Gametipp: Darksiders II

Darksiders IIDa hat Krieg, einer der apokalyptischen Reiter, aber ganz schön etwas angerichtet. In „Darksiders“ wurden Spieler mehr oder weniger passiv davon Zeuge, wie er ein wenig unverblümt das Ende der Menschheit auslöste. Im zweiten Teil der Spielesaga nun kommt sein Bruder Tod an die Reihe. Dieser hat es sich zur Aufgabe gemacht, einfach mal alles rückgängig zu machen. Ganz so, als wäre nie etwas dergleichen passiert. Die Plattform für seine Wiedergutmachung bietet „Darksiders II“, in welchem der Gamer Tod in Zelda-Manier durch vier Dungeons manövrieren darf und dabei manche heikle Mission erfüllen muss. Ihm zur Seite werden dabei einige Neurungen gestellt, die Vigil Games für die Folgeversion entwickelt hat.

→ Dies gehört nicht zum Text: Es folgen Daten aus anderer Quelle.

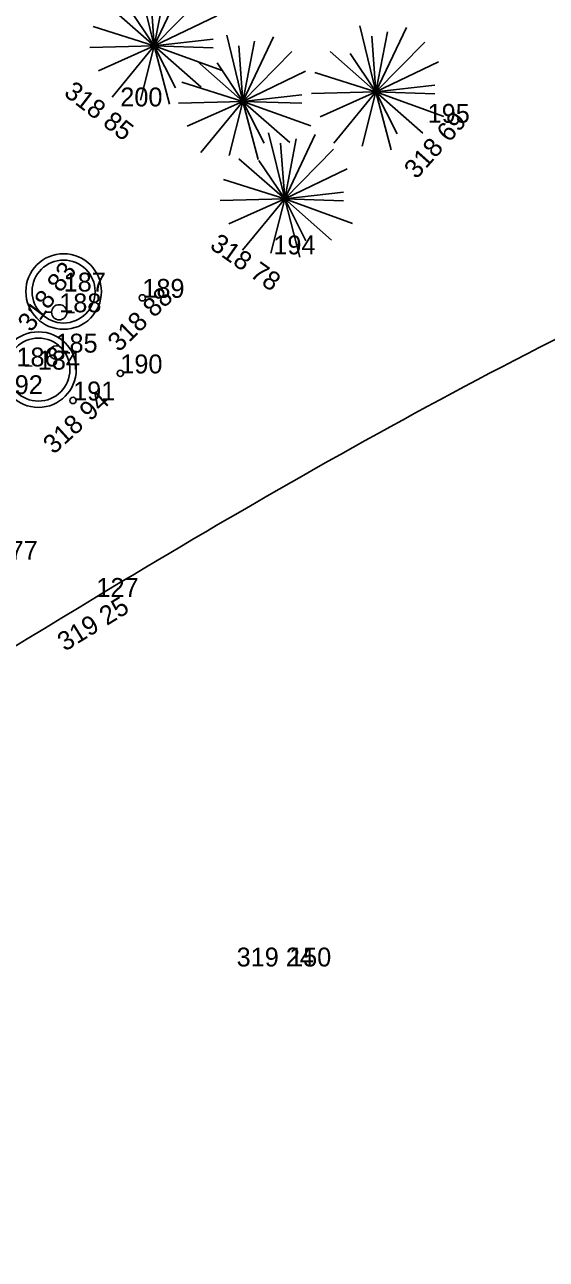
# Model space of a CAD drawing. Extents: x -742884 to -742543, y -1054677 to -1054433.
# Drawn here: x -742737.91 to -742729.63, y -1054520.62 to -1054501.01 of the extents above; entities that cross this region are included whole.
import ezdxf

# ---------------------------------------------------------------- set-up
doc = ezdxf.new("R2010")
doc.units = 0
for name, color, linetype in [('Vrstva 1', 7, 'Continuous'), ('Vrstva 10', 7, 'Continuous'), ('Vrstva 11', 7, 'Continuous'), ('Vrstva 2', 7, 'Continuous'), ('Vrstva 3', 7, 'Continuous'), ('Vrstva 4', 7, 'Continuous'), ('Vrstva 8', 7, 'Continuous')]:
    doc.layers.add(name, color=color, linetype=linetype)

msp = doc.modelspace()

# ---------------------------------------------------------------- linework, layer by layer
at = {"layer": 'Vrstva 1'}
for p, q in [((-742736.39, -1054502.31), (-742736.39, -1054502.31)), ((-742731.51, -1054502.57), (-742731.51, -1054502.57)), ((-742733.96, -1054504.66), (-742733.96, -1054504.66)), ((-742737.29, -1054505.25), (-742737.29, -1054505.25)), ((-742736.04, -1054505.35), (-742736.04, -1054505.35)), ((-742737.36, -1054505.58), (-742737.36, -1054505.58)), ((-742737.42, -1054506.22), (-742737.42, -1054506.22)), ((-742737.7, -1054506.49), (-742737.7, -1054506.49)), ((-742736.39, -1054506.55), (-742736.39, -1054506.55)), ((-742737.14, -1054506.98), (-742737.14, -1054506.98)), ((-742736.77, -1054510.1), (-742736.77, -1054510.1)), ((-742733.71, -1054515.97), (-742733.71, -1054515.97))]:
    msp.add_line(p, q, dxfattribs=at)
at = {"layer": 'Vrstva 10'}
for p, q in [((-742735.85, -1054501.35), (-742736.107, -1054500.3)), ((-742735.85, -1054501.35), (-742735.914, -1054500.466)), ((-742735.85, -1054501.35), (-742735.365, -1054500.325)), ((-742735.85, -1054501.35), (-742735.666, -1054500.394)), ((-742735.85, -1054501.35), (-742735.077, -1054500.559)), ((-742735.85, -1054501.35), (-742736.579, -1054500.71)), ((-742735.85, -1054501.35), (-742736.26, -1054500.739)), ((-742735.85, -1054501.35), (-742734.858, -1054500.871)), ((-742735.85, -1054501.35), (-742736.819, -1054501.043)), ((-742732.33, -1054502.08), (-742732.587, -1054501.03)), ((-742732.33, -1054502.08), (-742731.845, -1054501.055)), ((-742735.85, -1054501.35), (-742734.918, -1054501.244)), ((-742734.442, -1054502.23), (-742734.699, -1054501.18)), ((-742734.442, -1054502.23), (-742733.957, -1054501.205)), ((-742732.33, -1054502.08), (-742732.394, -1054501.196)), ((-742732.33, -1054502.08), (-742732.146, -1054501.124)), ((-742735.85, -1054501.35), (-742736.872, -1054501.376)), ((-742735.85, -1054501.35), (-742736.735, -1054501.743)), ((-742735.85, -1054501.35), (-742736.52, -1054502.164)), ((-742735.85, -1054501.35), (-742736.07, -1054502.209)), ((-742735.854, -1054501.344), (-742735.854, -1054501.344)), ((-742735.85, -1054501.35), (-742735.85, -1054501.35)), ((-742735.85, -1054501.35), (-742735.514, -1054502.014)), ((-742735.85, -1054501.35), (-742734.775, -1054501.739)), ((-742735.85, -1054501.35), (-742734.918, -1054501.378)), ((-742735.85, -1054501.35), (-742735.104, -1054502.003)), ((-742735.85, -1054501.35), (-742735.61, -1054502.272)), ((-742735.85, -1054501.35), (-742735.85, -1054501.35)), ((-742734.442, -1054502.23), (-742734.506, -1054501.346)), ((-742734.442, -1054502.23), (-742734.258, -1054501.274)), ((-742734.442, -1054502.23), (-742733.669, -1054501.439)), ((-742732.33, -1054502.08), (-742733.059, -1054501.44)), ((-742732.33, -1054502.08), (-742731.557, -1054501.289)), ((-742734.442, -1054502.23), (-742735.171, -1054501.59)), ((-742734.442, -1054502.23), (-742734.852, -1054501.619)), ((-742732.33, -1054502.08), (-742732.74, -1054501.469)), ((-742732.33, -1054502.08), (-742731.338, -1054501.601)), ((-742734.442, -1054502.23), (-742733.45, -1054501.751)), ((-742732.33, -1054502.08), (-742733.299, -1054501.773)), ((-742734.442, -1054502.23), (-742735.411, -1054501.923)), ((-742732.33, -1054502.08), (-742731.398, -1054501.974)), ((-742734.442, -1054502.23), (-742735.464, -1054502.256)), ((-742734.442, -1054502.23), (-742735.327, -1054502.623)), ((-742734.442, -1054502.23), (-742735.112, -1054503.044)), ((-742734.442, -1054502.23), (-742734.662, -1054503.089)), ((-742734.446, -1054502.224), (-742734.446, -1054502.224)), ((-742734.442, -1054502.23), (-742733.51, -1054502.124)), ((-742734.442, -1054502.23), (-742734.442, -1054502.23)), ((-742734.442, -1054502.23), (-742734.106, -1054502.894)), ((-742734.442, -1054502.23), (-742733.367, -1054502.619)), ((-742734.442, -1054502.23), (-742733.51, -1054502.258)), ((-742734.442, -1054502.23), (-742733.696, -1054502.883)), ((-742734.442, -1054502.23), (-742734.202, -1054503.152)), ((-742734.442, -1054502.23), (-742734.442, -1054502.23)), ((-742732.33, -1054502.08), (-742733.352, -1054502.106)), ((-742732.33, -1054502.08), (-742733.215, -1054502.473)), ((-742732.33, -1054502.08), (-742733, -1054502.894)), ((-742732.33, -1054502.08), (-742732.55, -1054502.939)), ((-742732.334, -1054502.074), (-742732.334, -1054502.074)), ((-742732.33, -1054502.08), (-742732.33, -1054502.08)), ((-742732.33, -1054502.08), (-742731.994, -1054502.744)), ((-742732.33, -1054502.08), (-742731.255, -1054502.469)), ((-742732.33, -1054502.08), (-742731.398, -1054502.108)), ((-742732.33, -1054502.08), (-742731.584, -1054502.733)), ((-742732.33, -1054502.08), (-742732.09, -1054503.002)), ((-742732.33, -1054502.08), (-742732.33, -1054502.08)), ((-742733.78, -1054503.78), (-742734.037, -1054502.73)), ((-742733.78, -1054503.78), (-742733.295, -1054502.755)), ((-742733.78, -1054503.78), (-742733.596, -1054502.824)), ((-742733.78, -1054503.78), (-742733.844, -1054502.896)), ((-742733.78, -1054503.78), (-742733.007, -1054502.989)), ((-742733.78, -1054503.78), (-742734.509, -1054503.14)), ((-742733.78, -1054503.78), (-742734.19, -1054503.169)), ((-742733.78, -1054503.78), (-742732.788, -1054503.301)), ((-742733.78, -1054503.78), (-742734.749, -1054503.473)), ((-742733.78, -1054503.78), (-742734.802, -1054503.806)), ((-742733.78, -1054503.78), (-742734.665, -1054504.173)), ((-742733.78, -1054503.78), (-742734.45, -1054504.594)), ((-742733.78, -1054503.78), (-742734, -1054504.639)), ((-742733.784, -1054503.774), (-742733.784, -1054503.774)), ((-742733.78, -1054503.78), (-742732.848, -1054503.674)), ((-742733.78, -1054503.78), (-742733.78, -1054503.78)), ((-742733.78, -1054503.78), (-742733.444, -1054504.444)), ((-742733.78, -1054503.78), (-742732.705, -1054504.169)), ((-742733.78, -1054503.78), (-742732.848, -1054503.808)), ((-742733.78, -1054503.78), (-742733.034, -1054504.433)), ((-742733.78, -1054503.78), (-742733.54, -1054504.702)), ((-742733.78, -1054503.78), (-742733.78, -1054503.78))]:
    msp.add_line(p, q, dxfattribs=at)
at = {"layer": 'Vrstva 11'}
for points in [[(-742777.63, -1054542.12), (-742764.61, -1054526.83), (-742751.7, -1054511.56), (-742738.47, -1054495.82), (-742727.02, -1054482.18), (-742726.38, -1054482.19), (-742725.15, -1054482.94)], [(-742776.7, -1054542.68), (-742764.01, -1054527.79), (-742751.11, -1054512.75), (-742737.61, -1054496.47), (-742726.42, -1054483.98), (-742725.9, -1054484.03), (-742714, -1054491.86), (-742704.819, -1054497.481), (-742700.94, -1054500.269), (-742696.44, -1054503.39), (-742688.83, -1054509.5), (-742682.54, -1054514.17), (-742675.15, -1054519.77), (-742673.01, -1054522.11), (-742671.05, -1054524.7)], [(-742641.45, -1054542), (-742646.08, -1054542.32), (-742650.28, -1054545.1), (-742653.63, -1054549.14), (-742658.66, -1054557.13), (-742664.13, -1054565.84), (-742667.81, -1054569.62), (-742669.76, -1054570.07), (-742674.4, -1054567.88), (-742684.66, -1054562.03), (-742693.02, -1054556.88), (-742694.43, -1054554.37), (-742693.99, -1054552.67), (-742684.52, -1054539.64), (-742677.51, -1054529.95), (-742676.26, -1054526.54), (-742677.27, -1054522.39), (-742681.19, -1054517.29), (-742689.28, -1054510.73), (-742697.86, -1054505.14), (-742704.02, -1054502.75), (-742713.11, -1054501.07), (-742723.98, -1054503.51), (-742736.77, -1054510.1), (-742745.39, -1054515.75), (-742752.81, -1054521.82), (-742762.72, -1054531.38), (-742770.54, -1054539.36), (-742775.54, -1054544.64)]]:
    msp.add_spline(points, degree=3, dxfattribs=at)
at = {"layer": 'Vrstva 4'}
for points in [[(-742783.23, -1054536.93), (-742770.7, -1054522.44), (-742757.28, -1054506.67), (-742744.15, -1054491.3), (-742731.95, -1054477.03), (-742724.73, -1054468.59)], [(-742778.49, -1054541.37), (-742765.63, -1054526.43), (-742752.39, -1054510.77), (-742739.19, -1054495.37), (-742727.3, -1054481.14)]]:
    msp.add_spline(points, degree=3, dxfattribs=at)
at = {"layer": 'Vrstva 8'}
for p, q in [((-742737.481, -1054505.579), (-742737.596, -1054505.577)), ((-742737.12, -1054505.583), (-742737.238, -1054505.582)), ((-742737.514, -1054506.219), (-742737.617, -1054506.217)), ((-742737.189, -1054506.223), (-742737.295, -1054506.222)), ((-742737.79, -1054506.433), (-742737.908, -1054506.432))]:
    msp.add_line(p, q, dxfattribs=at)
for centre, radius in [((-742737.29, -1054505.25), 0.6), ((-742737.29, -1054505.25), 0.5), ((-742736.04, -1054505.35), 0.05), ((-742737.36, -1054505.58), 0.121), ((-742737.69, -1054506.49), 0.6), ((-742737.69, -1054506.49), 0.5), ((-742737.405, -1054506.22), 0.109), ((-742736.39, -1054506.55), 0.05), ((-742737.14, -1054506.98), 0.05)]:
    msp.add_circle(centre, radius, dxfattribs=at)

# ---------------------------------------------------------------- texts
at = {"layer": 'Vrstva 2'}
for s, p in [('200', (-742736.39, -1054502.31)), ('195', (-742731.51, -1054502.57)), ('194', (-742733.96, -1054504.66)), ('187', (-742737.29, -1054505.25)), ('189', (-742736.04, -1054505.35)), ('188', (-742737.36, -1054505.58)), ('185', (-742737.42, -1054506.22)), ('186', (-742738.04, -1054506.44)), ('184', (-742737.7, -1054506.49)), ('190', (-742736.39, -1054506.55)), ('192', (-742738.29, -1054506.88)), ('191', (-742737.14, -1054506.98)), ('177', (-742738.37, -1054509.51)), ('127', (-742736.77, -1054510.1)), ('150', (-742733.71, -1054515.97))]:
    msp.add_text(s, height=0.3, dxfattribs=at).set_placement(p)
at = {"layer": 'Vrstva 3'}
for s, rotation, p in [('318 85 ', 322.36, (-742737.303, -1054502.124)), ('318 69 ', 48.3339, (-742731.688, -1054503.477)), ('318 78 ', 324.8221, (-742734.986, -1054504.553)), ('318 83 ', 53.3787, (-742737.803, -1054505.908)), ('318 88 ', 44.3377, (-742736.412, -1054506.223)), ('318 94 ', 42.3493, (-742737.447, -1054507.847)), ('319 25 ', 31.6466, (-742737.269, -1054510.973))]:
    msp.add_text(s, height=0.3, rotation=rotation, dxfattribs=at).set_placement(p)
msp.add_text('319 24 ', height=0.3, dxfattribs=at).set_placement((-742734.543, -1054515.97))

doc.saveas('drawing.dxf')

Sensenmann mit guten Fähigkeiten

Nachdem Krieg für sein Missgeschick in den Kerker geworfen wurde, liegt es an seinen Geschwistern, wieder für Ordnung zu sorgen. Einer dieser ist besagter Tod, den es zu Beginn zum Krähenvater führt. Vor Ort wird man auch gleich mit einer Möglichkeit konfrontiert, die alles wieder in die richtigen Wogen lenken könnte. Dumm nur, dass dafür erst noch einige Taten von Nöten sind. Auf dem Weg zum Baum des Lebens muss sich Tod mit unerwünschten Gegnern auseinandersetzen und einige äußerst knifflige Aufgaben lösen. Zu diesen gehört es unter anderem, den so genannten „Makern“ bei der Wiederinstandsetzung ihrer Schmiede zu helfen. Allein bei diesen Einsätzen bleibt es aber nicht. So muss sich Tod auch des Öfteren im Kampf beweisen, wo der Sensenmann sich bemerkenswert filigran zeigt.

Sammeln und lernen

In der Tat wirkt er wesentlich agiler als der Vertreter im ersten Teil, wobei man anfänglich ein wenig das Gefühl hat, das noch einiges verbesserungsbedürftig ist. Blocken kann man Angriffe beispielsweise auch im späteren Verlauf nicht. Dafür aber clever ausweichen. Je weiter die Fähigkeiten vorangebracht werden, desto vielfältiger werden die eigenen Attacken und Manöver. Er ist also durchaus lernfähig. Damit man sich stetig weiter verbessern kann, haben die Entwickler eine neue Eigenart des Games vorbereitet. In den Welten ist es Tod möglich, verschiedene Waffen, Kleidungsstücke und Accessoires aufzusammeln und so das eigene Repertoire zu erweitern. Das bringt Abwechslung und zudem jede Menge Spielspaß, der nicht mehr alleine aus dem bloßen Draufhauen entsteht. Hinzu kommen dann noch einige Knobelphasen, in denen man wirklich darüber nachdenken muss, wie man voran kommt und manch verborgenen Durchgang freilegt.